[Records from a dataset]
============
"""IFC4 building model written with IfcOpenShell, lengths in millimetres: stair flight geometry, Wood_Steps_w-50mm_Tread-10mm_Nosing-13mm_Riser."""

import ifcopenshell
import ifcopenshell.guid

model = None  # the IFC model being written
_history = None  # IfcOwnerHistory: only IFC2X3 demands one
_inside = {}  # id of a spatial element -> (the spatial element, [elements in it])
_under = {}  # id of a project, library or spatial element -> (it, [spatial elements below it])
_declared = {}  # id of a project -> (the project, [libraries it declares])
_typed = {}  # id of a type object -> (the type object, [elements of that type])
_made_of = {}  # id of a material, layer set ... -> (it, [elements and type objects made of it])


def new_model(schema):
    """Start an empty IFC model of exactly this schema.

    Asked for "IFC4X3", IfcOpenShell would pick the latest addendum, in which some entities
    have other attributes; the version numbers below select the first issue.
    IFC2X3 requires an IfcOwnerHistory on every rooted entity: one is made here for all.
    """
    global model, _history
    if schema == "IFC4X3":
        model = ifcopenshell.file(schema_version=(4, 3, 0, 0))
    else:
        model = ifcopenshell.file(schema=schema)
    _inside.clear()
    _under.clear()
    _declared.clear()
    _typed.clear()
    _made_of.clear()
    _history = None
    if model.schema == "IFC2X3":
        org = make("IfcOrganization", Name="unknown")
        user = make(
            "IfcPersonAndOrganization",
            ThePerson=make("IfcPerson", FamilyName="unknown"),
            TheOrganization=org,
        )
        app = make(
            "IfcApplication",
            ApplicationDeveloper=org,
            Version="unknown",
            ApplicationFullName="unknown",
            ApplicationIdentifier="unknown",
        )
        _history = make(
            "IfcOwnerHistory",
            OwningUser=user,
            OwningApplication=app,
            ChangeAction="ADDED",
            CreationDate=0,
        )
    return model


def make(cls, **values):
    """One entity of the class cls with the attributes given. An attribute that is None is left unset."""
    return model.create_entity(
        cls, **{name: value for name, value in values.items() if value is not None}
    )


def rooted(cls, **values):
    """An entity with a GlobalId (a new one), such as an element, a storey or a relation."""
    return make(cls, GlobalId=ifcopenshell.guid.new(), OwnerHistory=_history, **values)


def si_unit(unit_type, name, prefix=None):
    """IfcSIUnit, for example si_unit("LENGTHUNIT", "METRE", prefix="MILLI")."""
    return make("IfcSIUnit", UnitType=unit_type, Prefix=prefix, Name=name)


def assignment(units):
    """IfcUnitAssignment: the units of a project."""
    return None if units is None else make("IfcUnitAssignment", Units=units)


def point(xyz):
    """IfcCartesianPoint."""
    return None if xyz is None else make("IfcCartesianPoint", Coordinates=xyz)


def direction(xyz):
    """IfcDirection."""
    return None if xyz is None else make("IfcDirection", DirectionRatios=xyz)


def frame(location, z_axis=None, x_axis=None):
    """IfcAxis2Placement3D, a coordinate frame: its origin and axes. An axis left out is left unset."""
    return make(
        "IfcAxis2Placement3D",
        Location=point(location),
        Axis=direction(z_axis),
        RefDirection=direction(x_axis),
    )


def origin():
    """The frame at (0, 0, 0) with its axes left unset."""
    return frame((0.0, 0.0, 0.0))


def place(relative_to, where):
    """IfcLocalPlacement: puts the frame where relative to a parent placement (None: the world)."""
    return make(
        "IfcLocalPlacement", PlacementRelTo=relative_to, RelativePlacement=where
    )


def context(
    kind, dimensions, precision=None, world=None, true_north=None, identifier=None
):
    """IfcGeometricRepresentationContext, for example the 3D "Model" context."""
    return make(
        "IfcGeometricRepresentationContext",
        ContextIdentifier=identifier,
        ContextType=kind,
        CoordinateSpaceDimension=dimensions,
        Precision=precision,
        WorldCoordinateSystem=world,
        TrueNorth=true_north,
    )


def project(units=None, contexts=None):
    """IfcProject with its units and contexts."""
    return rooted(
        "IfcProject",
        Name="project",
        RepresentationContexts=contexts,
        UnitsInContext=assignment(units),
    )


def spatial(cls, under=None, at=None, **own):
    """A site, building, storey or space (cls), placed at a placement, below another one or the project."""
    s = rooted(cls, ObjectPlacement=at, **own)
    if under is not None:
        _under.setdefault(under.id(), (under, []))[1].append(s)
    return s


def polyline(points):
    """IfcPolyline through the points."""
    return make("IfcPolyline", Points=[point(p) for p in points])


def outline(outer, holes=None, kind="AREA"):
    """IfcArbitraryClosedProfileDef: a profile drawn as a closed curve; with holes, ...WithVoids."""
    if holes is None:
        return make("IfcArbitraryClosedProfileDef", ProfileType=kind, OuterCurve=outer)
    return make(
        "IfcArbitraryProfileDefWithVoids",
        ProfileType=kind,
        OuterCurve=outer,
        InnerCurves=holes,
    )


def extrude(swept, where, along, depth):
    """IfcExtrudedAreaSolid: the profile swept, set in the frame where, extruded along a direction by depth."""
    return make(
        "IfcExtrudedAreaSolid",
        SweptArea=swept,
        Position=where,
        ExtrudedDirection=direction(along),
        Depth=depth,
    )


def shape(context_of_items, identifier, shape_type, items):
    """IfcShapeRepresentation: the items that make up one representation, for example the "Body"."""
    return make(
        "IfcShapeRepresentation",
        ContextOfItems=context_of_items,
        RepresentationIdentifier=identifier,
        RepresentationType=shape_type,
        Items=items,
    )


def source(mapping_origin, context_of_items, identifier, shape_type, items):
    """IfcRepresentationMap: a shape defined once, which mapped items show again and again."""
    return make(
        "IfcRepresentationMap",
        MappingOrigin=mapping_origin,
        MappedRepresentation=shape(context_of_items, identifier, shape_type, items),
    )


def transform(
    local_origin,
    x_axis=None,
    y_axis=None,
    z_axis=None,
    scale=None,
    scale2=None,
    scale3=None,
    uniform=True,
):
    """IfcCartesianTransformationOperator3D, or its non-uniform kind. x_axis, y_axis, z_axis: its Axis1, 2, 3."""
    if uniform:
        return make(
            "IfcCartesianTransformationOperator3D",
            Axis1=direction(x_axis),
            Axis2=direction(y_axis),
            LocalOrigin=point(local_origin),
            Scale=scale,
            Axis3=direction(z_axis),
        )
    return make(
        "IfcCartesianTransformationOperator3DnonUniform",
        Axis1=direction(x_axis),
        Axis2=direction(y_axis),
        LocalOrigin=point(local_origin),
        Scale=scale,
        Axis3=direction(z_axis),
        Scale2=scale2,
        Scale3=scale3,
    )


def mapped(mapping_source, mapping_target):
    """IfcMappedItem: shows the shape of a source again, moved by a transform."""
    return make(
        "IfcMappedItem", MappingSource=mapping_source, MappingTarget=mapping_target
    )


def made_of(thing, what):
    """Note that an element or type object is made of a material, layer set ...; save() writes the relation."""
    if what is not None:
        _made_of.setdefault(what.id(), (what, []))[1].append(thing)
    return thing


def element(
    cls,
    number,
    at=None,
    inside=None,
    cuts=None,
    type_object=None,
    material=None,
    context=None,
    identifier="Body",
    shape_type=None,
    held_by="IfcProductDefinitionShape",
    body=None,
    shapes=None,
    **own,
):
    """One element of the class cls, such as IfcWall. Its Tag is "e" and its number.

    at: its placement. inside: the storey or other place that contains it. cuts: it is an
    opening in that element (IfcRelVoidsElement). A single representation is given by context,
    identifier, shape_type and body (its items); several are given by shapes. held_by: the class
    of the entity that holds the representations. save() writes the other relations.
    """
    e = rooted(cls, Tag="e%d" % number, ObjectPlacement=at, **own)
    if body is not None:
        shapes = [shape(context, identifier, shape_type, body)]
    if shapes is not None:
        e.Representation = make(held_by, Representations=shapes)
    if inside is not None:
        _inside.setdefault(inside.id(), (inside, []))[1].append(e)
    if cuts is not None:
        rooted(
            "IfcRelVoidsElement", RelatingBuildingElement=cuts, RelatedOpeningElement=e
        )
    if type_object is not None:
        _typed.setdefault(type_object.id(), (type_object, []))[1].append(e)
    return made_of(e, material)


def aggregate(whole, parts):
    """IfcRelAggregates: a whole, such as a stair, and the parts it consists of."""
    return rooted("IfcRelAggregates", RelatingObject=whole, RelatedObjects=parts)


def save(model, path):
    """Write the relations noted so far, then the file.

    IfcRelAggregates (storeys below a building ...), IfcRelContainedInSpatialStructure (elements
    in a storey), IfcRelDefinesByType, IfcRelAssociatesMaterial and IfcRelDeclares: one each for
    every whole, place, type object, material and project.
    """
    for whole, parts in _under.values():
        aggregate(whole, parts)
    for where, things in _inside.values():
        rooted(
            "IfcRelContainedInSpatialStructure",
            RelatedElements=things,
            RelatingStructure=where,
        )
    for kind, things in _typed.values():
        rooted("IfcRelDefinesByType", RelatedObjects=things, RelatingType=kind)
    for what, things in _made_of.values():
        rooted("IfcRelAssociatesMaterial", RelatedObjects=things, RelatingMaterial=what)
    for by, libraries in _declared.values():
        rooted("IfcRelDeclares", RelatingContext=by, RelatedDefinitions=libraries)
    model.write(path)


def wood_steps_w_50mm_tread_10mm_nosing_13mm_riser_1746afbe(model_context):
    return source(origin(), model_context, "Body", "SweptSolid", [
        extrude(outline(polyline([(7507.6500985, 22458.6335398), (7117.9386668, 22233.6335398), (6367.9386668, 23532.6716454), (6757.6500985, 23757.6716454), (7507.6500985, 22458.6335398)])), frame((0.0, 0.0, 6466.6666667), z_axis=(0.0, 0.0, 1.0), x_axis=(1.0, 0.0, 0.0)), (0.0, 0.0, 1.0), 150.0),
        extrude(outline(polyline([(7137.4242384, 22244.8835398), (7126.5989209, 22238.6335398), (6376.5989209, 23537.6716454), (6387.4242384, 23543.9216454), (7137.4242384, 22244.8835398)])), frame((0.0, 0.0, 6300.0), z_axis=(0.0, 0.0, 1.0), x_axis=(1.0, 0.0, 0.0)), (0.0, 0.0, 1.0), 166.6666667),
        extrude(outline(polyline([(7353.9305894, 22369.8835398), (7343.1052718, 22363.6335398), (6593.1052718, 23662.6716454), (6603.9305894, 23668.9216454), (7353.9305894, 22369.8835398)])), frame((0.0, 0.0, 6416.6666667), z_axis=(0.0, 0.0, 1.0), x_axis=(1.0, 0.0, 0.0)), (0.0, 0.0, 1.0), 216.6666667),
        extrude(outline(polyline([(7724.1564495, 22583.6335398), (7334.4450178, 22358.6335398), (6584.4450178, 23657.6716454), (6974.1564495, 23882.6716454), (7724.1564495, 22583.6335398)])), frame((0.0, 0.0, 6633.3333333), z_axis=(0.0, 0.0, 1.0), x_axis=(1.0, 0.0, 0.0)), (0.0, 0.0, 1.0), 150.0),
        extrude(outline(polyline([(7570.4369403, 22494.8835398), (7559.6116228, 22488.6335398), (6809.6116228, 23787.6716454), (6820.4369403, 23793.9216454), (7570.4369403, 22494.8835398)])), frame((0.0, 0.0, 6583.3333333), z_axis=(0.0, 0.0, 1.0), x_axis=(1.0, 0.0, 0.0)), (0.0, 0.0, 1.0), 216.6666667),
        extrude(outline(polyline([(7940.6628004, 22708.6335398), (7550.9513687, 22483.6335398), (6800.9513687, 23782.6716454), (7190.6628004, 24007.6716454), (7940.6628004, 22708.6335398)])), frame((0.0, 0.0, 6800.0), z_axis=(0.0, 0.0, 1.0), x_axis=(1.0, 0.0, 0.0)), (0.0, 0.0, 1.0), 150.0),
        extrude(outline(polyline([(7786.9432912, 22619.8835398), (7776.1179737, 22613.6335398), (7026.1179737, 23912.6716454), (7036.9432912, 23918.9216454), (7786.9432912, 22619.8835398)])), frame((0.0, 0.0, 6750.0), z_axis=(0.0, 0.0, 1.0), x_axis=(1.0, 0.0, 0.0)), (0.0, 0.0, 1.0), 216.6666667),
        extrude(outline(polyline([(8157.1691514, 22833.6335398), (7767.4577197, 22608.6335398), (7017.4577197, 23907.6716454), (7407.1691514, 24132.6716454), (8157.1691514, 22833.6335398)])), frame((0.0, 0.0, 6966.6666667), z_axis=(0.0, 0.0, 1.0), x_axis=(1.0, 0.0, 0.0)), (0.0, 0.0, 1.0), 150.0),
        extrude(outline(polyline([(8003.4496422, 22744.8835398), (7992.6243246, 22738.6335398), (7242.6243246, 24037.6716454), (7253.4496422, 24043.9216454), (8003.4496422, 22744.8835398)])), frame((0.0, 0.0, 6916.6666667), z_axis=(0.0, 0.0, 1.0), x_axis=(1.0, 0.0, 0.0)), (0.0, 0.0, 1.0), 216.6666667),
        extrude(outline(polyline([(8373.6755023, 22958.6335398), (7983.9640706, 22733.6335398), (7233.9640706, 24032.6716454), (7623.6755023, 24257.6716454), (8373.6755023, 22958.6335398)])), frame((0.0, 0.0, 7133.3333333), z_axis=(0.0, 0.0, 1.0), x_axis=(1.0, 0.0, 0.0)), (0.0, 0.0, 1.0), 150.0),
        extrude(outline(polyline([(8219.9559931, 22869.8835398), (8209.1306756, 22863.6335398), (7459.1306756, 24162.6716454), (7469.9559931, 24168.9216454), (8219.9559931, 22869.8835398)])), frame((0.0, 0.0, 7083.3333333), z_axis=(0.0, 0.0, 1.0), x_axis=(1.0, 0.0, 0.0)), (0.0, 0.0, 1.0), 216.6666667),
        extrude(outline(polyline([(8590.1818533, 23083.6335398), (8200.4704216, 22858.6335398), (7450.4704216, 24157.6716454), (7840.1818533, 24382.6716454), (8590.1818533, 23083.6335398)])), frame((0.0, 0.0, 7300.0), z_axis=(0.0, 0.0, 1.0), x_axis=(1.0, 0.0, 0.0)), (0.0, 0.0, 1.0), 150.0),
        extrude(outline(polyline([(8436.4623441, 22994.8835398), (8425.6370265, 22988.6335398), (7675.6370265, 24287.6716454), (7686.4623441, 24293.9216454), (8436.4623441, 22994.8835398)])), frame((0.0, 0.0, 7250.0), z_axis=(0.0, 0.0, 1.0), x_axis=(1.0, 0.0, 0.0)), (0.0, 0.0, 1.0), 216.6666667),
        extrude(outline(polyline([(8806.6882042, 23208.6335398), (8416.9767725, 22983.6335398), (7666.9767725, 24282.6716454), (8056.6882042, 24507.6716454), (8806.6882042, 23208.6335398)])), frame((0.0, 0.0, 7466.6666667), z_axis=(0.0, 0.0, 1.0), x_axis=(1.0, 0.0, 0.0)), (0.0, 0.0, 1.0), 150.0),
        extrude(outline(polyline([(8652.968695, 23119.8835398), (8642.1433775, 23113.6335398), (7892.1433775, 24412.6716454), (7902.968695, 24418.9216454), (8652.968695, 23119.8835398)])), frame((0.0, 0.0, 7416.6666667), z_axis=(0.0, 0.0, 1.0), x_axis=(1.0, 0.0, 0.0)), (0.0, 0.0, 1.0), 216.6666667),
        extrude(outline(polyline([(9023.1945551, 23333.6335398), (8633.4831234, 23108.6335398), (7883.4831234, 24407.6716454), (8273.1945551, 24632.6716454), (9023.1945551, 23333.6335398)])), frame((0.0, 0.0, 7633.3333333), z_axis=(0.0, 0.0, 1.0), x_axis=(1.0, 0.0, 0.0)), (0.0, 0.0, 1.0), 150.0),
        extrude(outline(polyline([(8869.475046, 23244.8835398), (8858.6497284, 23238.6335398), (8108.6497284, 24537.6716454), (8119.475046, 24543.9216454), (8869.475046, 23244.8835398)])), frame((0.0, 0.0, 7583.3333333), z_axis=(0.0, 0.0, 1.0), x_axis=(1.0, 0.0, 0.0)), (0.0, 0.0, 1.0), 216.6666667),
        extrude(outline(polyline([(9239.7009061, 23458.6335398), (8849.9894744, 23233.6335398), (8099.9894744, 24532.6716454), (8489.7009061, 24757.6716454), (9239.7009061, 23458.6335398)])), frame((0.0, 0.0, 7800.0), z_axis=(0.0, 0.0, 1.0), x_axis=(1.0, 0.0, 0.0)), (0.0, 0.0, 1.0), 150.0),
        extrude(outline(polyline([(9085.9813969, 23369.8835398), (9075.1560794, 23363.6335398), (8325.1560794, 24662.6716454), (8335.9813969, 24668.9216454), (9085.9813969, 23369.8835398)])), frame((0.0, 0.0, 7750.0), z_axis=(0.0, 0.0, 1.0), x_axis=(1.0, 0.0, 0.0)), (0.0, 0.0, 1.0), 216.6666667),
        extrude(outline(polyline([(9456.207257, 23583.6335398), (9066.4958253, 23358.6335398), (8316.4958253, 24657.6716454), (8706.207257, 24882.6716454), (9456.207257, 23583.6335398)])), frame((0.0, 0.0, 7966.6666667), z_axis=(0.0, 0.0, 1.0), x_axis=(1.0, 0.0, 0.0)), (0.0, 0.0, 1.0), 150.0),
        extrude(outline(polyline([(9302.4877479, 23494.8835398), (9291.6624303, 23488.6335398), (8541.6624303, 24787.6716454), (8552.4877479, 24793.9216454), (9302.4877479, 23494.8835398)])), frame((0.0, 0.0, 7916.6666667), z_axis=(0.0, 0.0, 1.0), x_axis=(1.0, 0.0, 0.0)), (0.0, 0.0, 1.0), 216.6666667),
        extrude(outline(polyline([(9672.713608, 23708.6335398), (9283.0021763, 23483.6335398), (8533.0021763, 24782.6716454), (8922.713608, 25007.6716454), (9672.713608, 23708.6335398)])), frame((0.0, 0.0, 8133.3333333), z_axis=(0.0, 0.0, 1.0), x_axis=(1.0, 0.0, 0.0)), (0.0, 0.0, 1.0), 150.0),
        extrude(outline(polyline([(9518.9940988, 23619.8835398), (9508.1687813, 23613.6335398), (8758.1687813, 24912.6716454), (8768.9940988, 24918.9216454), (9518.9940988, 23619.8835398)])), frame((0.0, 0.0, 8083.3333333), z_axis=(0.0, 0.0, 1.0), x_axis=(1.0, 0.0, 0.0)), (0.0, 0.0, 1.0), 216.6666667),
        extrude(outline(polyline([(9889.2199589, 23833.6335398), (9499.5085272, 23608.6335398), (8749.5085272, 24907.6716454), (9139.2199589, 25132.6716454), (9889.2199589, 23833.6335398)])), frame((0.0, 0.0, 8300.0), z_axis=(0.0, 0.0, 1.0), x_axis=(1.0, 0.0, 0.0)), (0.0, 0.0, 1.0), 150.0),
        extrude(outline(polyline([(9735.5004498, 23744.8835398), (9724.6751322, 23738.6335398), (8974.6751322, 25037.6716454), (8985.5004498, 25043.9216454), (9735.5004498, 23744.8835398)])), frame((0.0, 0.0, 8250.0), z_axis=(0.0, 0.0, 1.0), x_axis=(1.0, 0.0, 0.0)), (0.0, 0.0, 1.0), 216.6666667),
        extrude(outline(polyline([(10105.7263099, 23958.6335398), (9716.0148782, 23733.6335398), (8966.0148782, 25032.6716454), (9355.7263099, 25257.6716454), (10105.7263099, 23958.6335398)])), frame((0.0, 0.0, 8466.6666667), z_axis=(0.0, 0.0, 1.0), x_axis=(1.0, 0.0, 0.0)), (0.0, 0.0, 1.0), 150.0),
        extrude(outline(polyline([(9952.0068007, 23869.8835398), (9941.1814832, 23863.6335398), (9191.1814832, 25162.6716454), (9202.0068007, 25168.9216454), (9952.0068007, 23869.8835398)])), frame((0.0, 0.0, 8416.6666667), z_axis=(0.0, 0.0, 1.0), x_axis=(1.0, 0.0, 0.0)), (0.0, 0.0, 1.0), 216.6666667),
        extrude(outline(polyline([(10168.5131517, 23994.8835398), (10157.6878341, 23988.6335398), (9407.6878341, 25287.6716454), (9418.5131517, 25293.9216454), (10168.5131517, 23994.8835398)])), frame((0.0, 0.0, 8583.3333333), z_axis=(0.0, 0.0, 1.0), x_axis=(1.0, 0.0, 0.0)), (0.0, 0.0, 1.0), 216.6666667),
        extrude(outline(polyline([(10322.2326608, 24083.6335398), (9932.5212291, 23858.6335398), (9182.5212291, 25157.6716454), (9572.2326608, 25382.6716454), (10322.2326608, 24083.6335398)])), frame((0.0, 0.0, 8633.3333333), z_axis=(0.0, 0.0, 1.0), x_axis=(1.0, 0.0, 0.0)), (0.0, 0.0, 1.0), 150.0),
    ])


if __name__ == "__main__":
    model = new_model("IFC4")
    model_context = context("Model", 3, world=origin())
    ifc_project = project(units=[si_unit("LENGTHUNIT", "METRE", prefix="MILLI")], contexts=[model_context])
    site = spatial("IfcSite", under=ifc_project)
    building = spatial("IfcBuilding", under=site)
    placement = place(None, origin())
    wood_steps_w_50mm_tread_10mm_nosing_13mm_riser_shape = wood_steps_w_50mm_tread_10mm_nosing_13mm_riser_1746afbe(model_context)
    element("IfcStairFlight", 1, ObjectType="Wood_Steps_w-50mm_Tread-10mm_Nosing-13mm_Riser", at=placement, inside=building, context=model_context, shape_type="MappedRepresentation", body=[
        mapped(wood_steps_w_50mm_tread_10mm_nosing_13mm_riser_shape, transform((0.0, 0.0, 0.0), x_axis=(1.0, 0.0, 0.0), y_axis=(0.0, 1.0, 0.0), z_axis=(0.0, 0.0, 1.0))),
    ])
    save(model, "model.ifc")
============
Exercise:
Copy the lines from the start of the data verbatim, stopping after the line containing "[elements in it])".

Exercise result:
"""IFC4 building model written with IfcOpenShell, lengths in millimetres: stair flight geometry, Wood_Steps_w-50mm_Tread-10mm_Nosing-13mm_Riser."""

import ifcopenshell
import ifcopenshell.guid

model = None  # the IFC model being written
_history = None  # IfcOwnerHistory: only IFC2X3 demands one
_inside = {}  # id of a spatial element -> (the spatial element, [elements in it])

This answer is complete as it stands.